World-class athletes don’t necessarily make world-class coaches. Many can’t make the psychological shift that comes with the new role. They struggle in the transition from contributing through self to contributing through others. But there are a few who make the transition beautifully.
Exhibit one is Cael Sanderson, who I had the privilege of interviewing recently. The pride of Heber City, Utah, and the most celebrated collegiate wrestler in American history, Cael captured gold at the 2004 Summer Olympic Games in Athens. He compiled a perfect record of 159 wins and 0 losses at Iowa State and won four consecutive national titles. When he placed his shoes in the center of the mat and called it a career, it was the end of an era.
Then came the transition. The young man traded his singlet for a whistle. Cael the world champion became Cael the coach. Following in the footsteps of his father, mentor and coach, Steve Sanderson, he entered the profession, first at his alma mater, Iowa State. Two years ago, he was recruited away and became the head coach at Penn State. Last month, in only his second year as head coach, Penn State won the NCAA national championship, the first wrestling title for the Nittany Lions in 58 years.
I asked Cael if as a coach he focused on any particular aspect of the sport, such as physical conditioning, technique, or mental toughness. “They all grow together,” he said. “You can’t separate them. Mental toughness comes from knowing you’re prepared technically and physically.

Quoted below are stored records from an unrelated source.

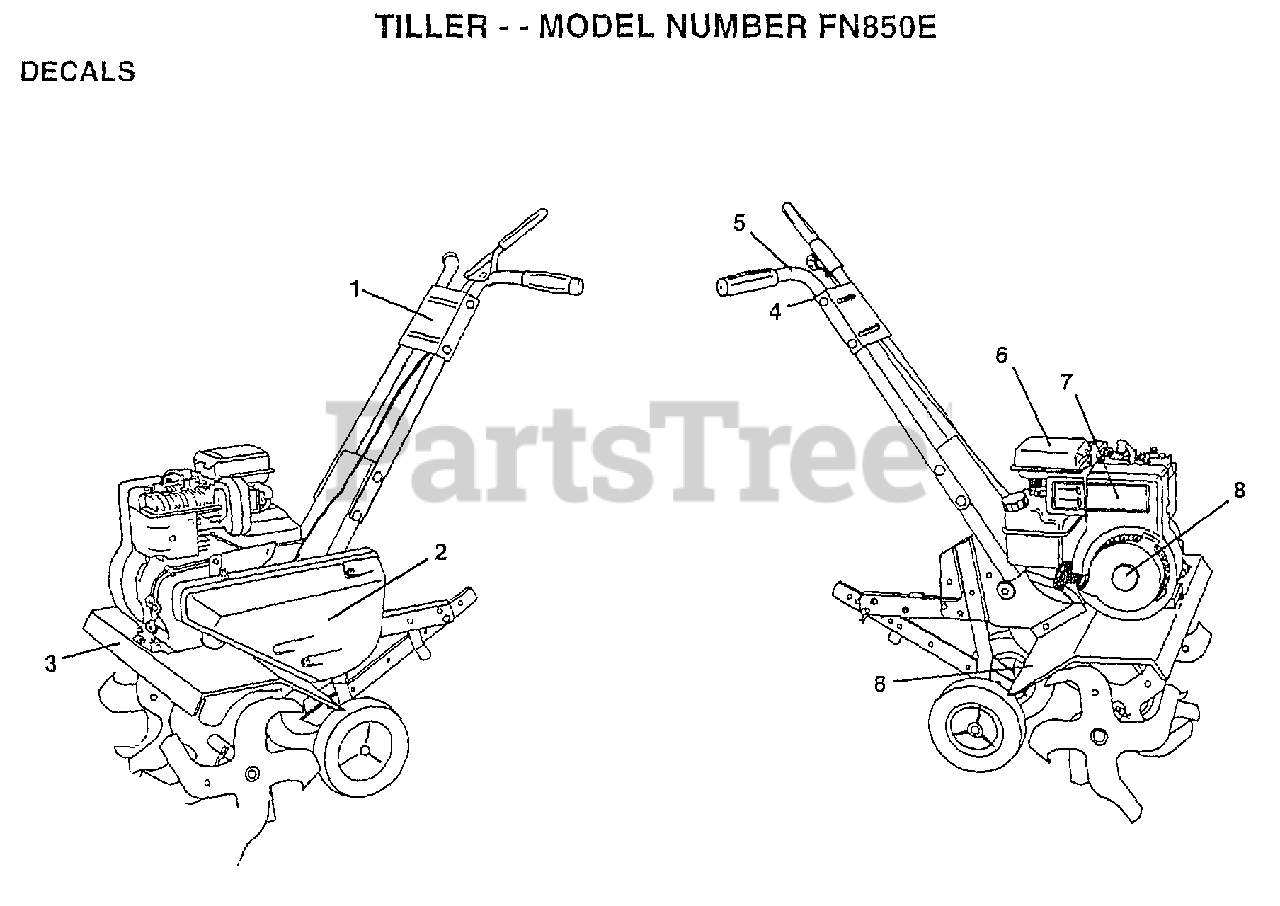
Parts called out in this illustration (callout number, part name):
1	DECAL HANDLE BRKT
2	BELT.GUARD.DECAL
3	DECAL TINE SHIELD
4	DECAL TI
5	DECAL TI
6	DECAL TI
7	DECAL, BRIGGS & STRATTON
9	DECAL, 5 HP

There’s no way to work on one and not the others.”
In the field of athletics, especially, there’s a relentless search for advantage, that mysterious, elusive edge that nobody else has. In the course of our interview, it became clear that coach Sanderson’s edge is hidden in plain sight — consistency and simplicity. “I see coaches start out with lots of energy and enthusiasm, but with time the realities bear down on them and they get tired and lose their belief. In coaching, you can’t fake anything. My style of influence is very simple. I love the kids and believe in them. I’m not loud. I don’t memorize inspirational quotes. I believe in being positive and in sharing my passion for the sport. Ultimately, you have to build trust. My wrestlers can see right through me if I’m not taking my own advice as a coach.”
Coach Sanderson carries with him a rare disposition, an extraordinary mixture of humility and exceptional self-confidence. Where some coaches crave attention, coach Sanderson’s deep sense of self-assurance deflects it. His low ego-needs allow him to build performance capacity in his coaching staff and wrestlers faster than the competition. “We take turns running practice. When my assistants run practice, I’m often on the mat working with the guys one on one.”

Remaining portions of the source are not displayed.